Hopefully you’ve at least heard of some of them.
1. John Trudell & Bad Dog, Wazi’s Dream (Sobeit Reccording Label): Compelling, spiritual, transcendent…John Trudell was all these, and the brilliance of his softly spoken yet razor sharp stories and teachings (“the truth is to know when not to lie”) and monologues, in tandem with Bad Dog’s blend of rock, folk and Native American music and vocal backing, make his passing Dec. 8 all the more unbearable.
2. Darlene Love, Introducing Darlene Love (Wicked Cool Records/Columbia): She’s never gone out of style in her five-plus decades of performing, and now with this Steven Van Zandt-produced album, style has caught up with her thanks to perfect songs from the likes of Bruce Springsteen, Elvis Costello, Jimmy Webb, Barry Mann and Cynthia Weil, Linda Perry and Van Zandt himself.
3. Feufollet, Two Universes (Feufollet Records): Totally tuneful and varied outing from a Lafayette band that started out as Cajun kids and have grown up into something entirely new and special.
4. Richard Thompson, Still (Fantasy Records): Nothing really special, here—just another exercise in stunning songwriting, vocals, and of course, guitar playing.
5. Kinky Friedman, The Loneliest Man I Ever Met (Avenue A Records): First album of new material from the Kinkster in 39 years deserved the rave reviews, what with great new originals like the titletrack and “Lady Yesterday,” covers like Willie Nelson’s “Bloody Mary Morning” (sung with Nelson) and Merle Haggard’s “Mama’s Hungry Eyes,” and a lean production that focuses on Friedman’s now seasoned and well-traveled voice.
6. Terry Adams, Talk Thelonious (Clang! Records): Unique interpretations of unique jazz legend by unique contemporary artist who had unique relationship with him.
7. Rhiannon Giddens, Tomorrow is My Turn (Nonesuch): Lead singer/violinist/banjo player and founding member of country/blues/old-time band Carolina Chocolate Drops steps out with debut solo album and is equally at home on songs ranging from Patsy Cline’s “She’s Got You” to the Charles Aznavour titletrack, Sister Rosetta Tharpe’s “Up Above My Head,” Elizabeth Cotten’s “Shake Sugaree” and a pair of originals.
8. Billy Gibbons and the BFG’s, Perfectamundo (Concord Records): What might seem like a new direction for Billy F Gibbons is really a return to his Latin music roots (he studied percussion with Tito Puente long before ZZ Top), with all the gusto he brings to that little ol’ band from Texas.
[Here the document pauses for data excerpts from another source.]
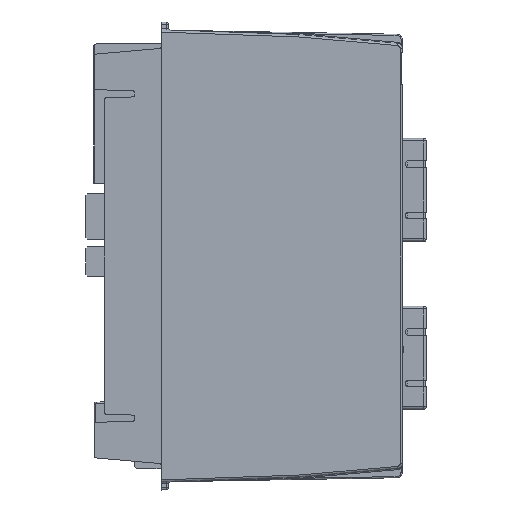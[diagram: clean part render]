
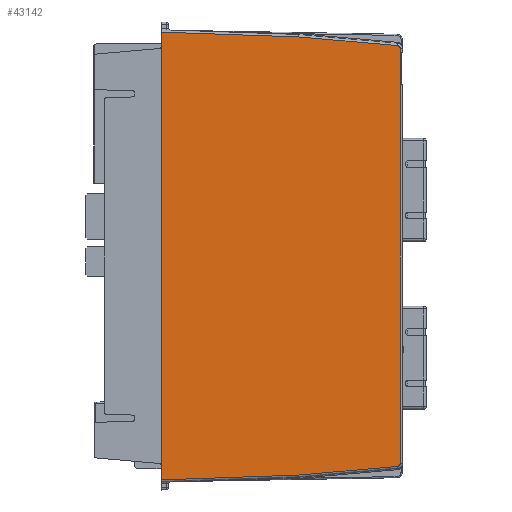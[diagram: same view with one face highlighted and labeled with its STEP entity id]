
A CAD part, left-side view. The second image highlights one B-rep face of the part: STEP entity #43142.
In plain terms, the highlighted planar face has unit normal (-1, -0.018, 0).
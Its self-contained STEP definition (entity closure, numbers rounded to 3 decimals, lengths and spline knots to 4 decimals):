
#1541=ELLIPSE('',#45586,0.0315,0.0315);
#1542=ELLIPSE('',#45587,0.0315,0.0315);
#3507=FACE_OUTER_BOUND('',#5832,.T.);
#5832=EDGE_LOOP('',(#29014,#29015,#29016,#29017,#29018,#29019,#29020,#29021,
#29022,#29023));
#8935=LINE('',#63996,#13259);
#8936=LINE('',#64000,#13260);
#8937=LINE('',#64002,#13261);
#8938=LINE('',#64004,#13262);
#8939=LINE('',#64006,#13263);
#8940=LINE('',#64008,#13264);
#8941=LINE('',#64012,#13265);
#8942=LINE('',#64015,#13266);
#13259=VECTOR('',#50951,39.3701);
#13260=VECTOR('',#50956,39.3701);
#13261=VECTOR('',#50957,39.3701);
#13262=VECTOR('',#50958,39.3701);
#13263=VECTOR('',#50959,39.3701);
#13264=VECTOR('',#50960,39.3701);
#13265=VECTOR('',#50963,39.3701);
#13266=VECTOR('',#50966,39.3701);
#17410=VERTEX_POINT('',#63993);
#17411=VERTEX_POINT('',#63995);
#17412=VERTEX_POINT('',#63999);
#17413=VERTEX_POINT('',#64001);
#17414=VERTEX_POINT('',#64003);
#17415=VERTEX_POINT('',#64005);
#17416=VERTEX_POINT('',#64007);
#17417=VERTEX_POINT('',#64009);
#17418=VERTEX_POINT('',#64011);
#17419=VERTEX_POINT('',#64013);
#21842=EDGE_CURVE('',#17411,#17410,#8935,.T.);
#21844=EDGE_CURVE('',#17410,#17412,#8936,.T.);
#21845=EDGE_CURVE('',#17413,#17412,#8937,.T.);
#21846=EDGE_CURVE('',#17413,#17414,#8938,.T.);
#21847=EDGE_CURVE('',#17414,#17415,#8939,.T.);
#21848=EDGE_CURVE('',#17415,#17416,#8940,.T.);
#21849=EDGE_CURVE('',#17416,#17417,#1541,.T.);
#21850=EDGE_CURVE('',#17417,#17418,#8941,.T.);
#21851=EDGE_CURVE('',#17418,#17419,#1542,.T.);
#21852=EDGE_CURVE('',#17419,#17411,#8942,.T.);
#29014=ORIENTED_EDGE('',*,*,#21842,.T.);
#29015=ORIENTED_EDGE('',*,*,#21844,.T.);
#29016=ORIENTED_EDGE('',*,*,#21845,.F.);
#29017=ORIENTED_EDGE('',*,*,#21846,.T.);
#29018=ORIENTED_EDGE('',*,*,#21847,.T.);
#29019=ORIENTED_EDGE('',*,*,#21848,.T.);
#29020=ORIENTED_EDGE('',*,*,#21849,.T.);
#29021=ORIENTED_EDGE('',*,*,#21850,.T.);
#29022=ORIENTED_EDGE('',*,*,#21851,.T.);
#29023=ORIENTED_EDGE('',*,*,#21852,.T.);
#39417=PLANE('',#45585);
#43142=ADVANCED_FACE('',(#3507),#39417,.T.);
#45585=AXIS2_PLACEMENT_3D('',#63998,#50954,#50955);
#45586=AXIS2_PLACEMENT_3D('',#64010,#50961,#50962);
#45587=AXIS2_PLACEMENT_3D('',#64014,#50964,#50965);
#50951=DIRECTION('',(-0.017,0.999,0.035));
#50954=DIRECTION('center_axis',(-1.,-0.017,0.));
#50955=DIRECTION('ref_axis',(-0.017,1.,0.));
#50956=DIRECTION('',(0.,0.,-1.));
#50957=DIRECTION('',(0.,0.,1.));
#50958=DIRECTION('',(0.,0.,-1.));
#50959=DIRECTION('',(0.017,-0.999,0.035));
#50960=DIRECTION('',(0.017,-0.996,0.087));
#50961=DIRECTION('center_axis',(-1.,-0.017,0.));
#50962=DIRECTION('ref_axis',(0.017,-1.,0.));
#50963=DIRECTION('',(0.,0.,1.));
#50964=DIRECTION('center_axis',(-1.,-0.017,0.));
#50965=DIRECTION('ref_axis',(0.017,-1.,0.));
#50966=DIRECTION('',(-0.017,0.996,0.087));
#63993=CARTESIAN_POINT('',(-0.0227,-0.8686,0.1083));
#63995=CARTESIAN_POINT('',(0.0007,-2.2063,0.0616));
#63996=CARTESIAN_POINT('',(-0.0282,-0.5512,0.1194));
#63998=CARTESIAN_POINT('Origin',(-0.0295,-0.4749,
-2.0669));
#63999=CARTESIAN_POINT('',(-0.0227,-0.8686,-0.0312));
#64000=CARTESIAN_POINT('',(-0.0227,-0.8686,0.128));
#64001=CARTESIAN_POINT('',(-0.0227,-0.8686,-4.1027));
#64002=CARTESIAN_POINT('',(-0.0227,-0.8686,-7.5932));
#64003=CARTESIAN_POINT('',(-0.0227,-0.8686,-4.2421));
#64004=CARTESIAN_POINT('',(-0.0227,-0.8686,0.128));
#64005=CARTESIAN_POINT('',(0.0007,-2.2063,-4.1954));
#64006=CARTESIAN_POINT('',(-0.0282,-0.5512,-4.2532));
#64007=CARTESIAN_POINT('',(0.0174,-3.163,-4.1117));
#64008=CARTESIAN_POINT('',(-0.0261,-0.6728,-4.3296));
#64009=CARTESIAN_POINT('',(0.0179,-3.1918,-4.0803));
#64010=CARTESIAN_POINT('Origin',(0.0173,-3.1603,-4.0803));
#64011=CARTESIAN_POINT('',(0.0179,-3.1918,-0.0535));
#64012=CARTESIAN_POINT('',(0.0179,-3.1918,-0.0535));
#64013=CARTESIAN_POINT('',(0.0174,-3.163,-0.0221));
#64014=CARTESIAN_POINT('Origin',(0.0173,-3.1603,-0.0535));
#64015=CARTESIAN_POINT('',(-0.0261,-0.6728,0.1957));
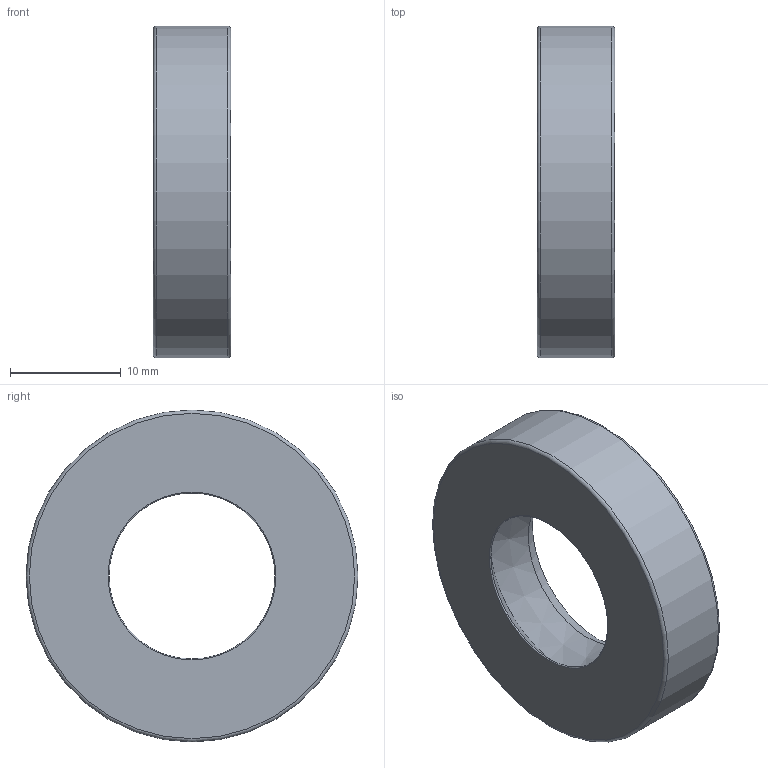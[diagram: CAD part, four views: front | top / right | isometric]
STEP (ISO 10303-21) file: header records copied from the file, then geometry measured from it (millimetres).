
FILE_DESCRIPTION(/* description */ ('오일-실'),/* implementation_level */ '2;1');
FILE_NAME(/* name */ '',/* time_stamp */ '2024-07-17T10:26:47+09:00',/* author */ ('jhkim'),/* organization */ (''),/* preprocessor_version */ 'ST-DEVELOPER v20',/* originating_system */ 'Autodesk Inventor 2025',/* authorisation */ '');
FILE_SCHEMA (('AUTOMOTIVE_DESIGN { 1 0 10303 214 3 1 1 }'));
Length unit declared in the file: millimetre
Products named in the file (1): 오일실 15 30 7
Bounding box: 7 x 30 x 30 mm (x, y, z)
Volume: 2096.9 mm3; surface area: 2785.2 mm2
Topology: 1 solids, 1 shells, 16 faces, 34 edges, 22 vertices
Faces by surface type: torus 5, plane 4, cone 4, cylinder 3
Full cylindrical faces by diameter (mm): 19.2 x1, 26.5 x1, 30 x1
Entity records: 496 total; most frequent: DIRECTION 95, CARTESIAN_POINT 73, ORIENTED_EDGE 68, AXIS2_PLACEMENT_3D 44, EDGE_CURVE 34, CIRCLE 27, VERTEX_POINT 22, EDGE_LOOP 20

9. Charlie Musselwhite, I Ain’t Lyin’ (Henrietta Records): Memphis Charlie’s never sounded better, singing or blowing harp, live or on record—with the latter here finding a near non-stop rockin’ blues groove.
10. Miley Cyrus & Her Dead Petz (Smiley Miley Inc.) Truly the anti-Taylor Swift on just about every level imaginable, Miley Cyrus showed here that she’s more than all shock and raunch–at 23 tracks and over 92 atmospheric and confessional minutes, much more.
[The Examiner has written liner notes on releases from Darlene Love, Richard Thompson, Kinky Friedman and Billy F Gibbons.]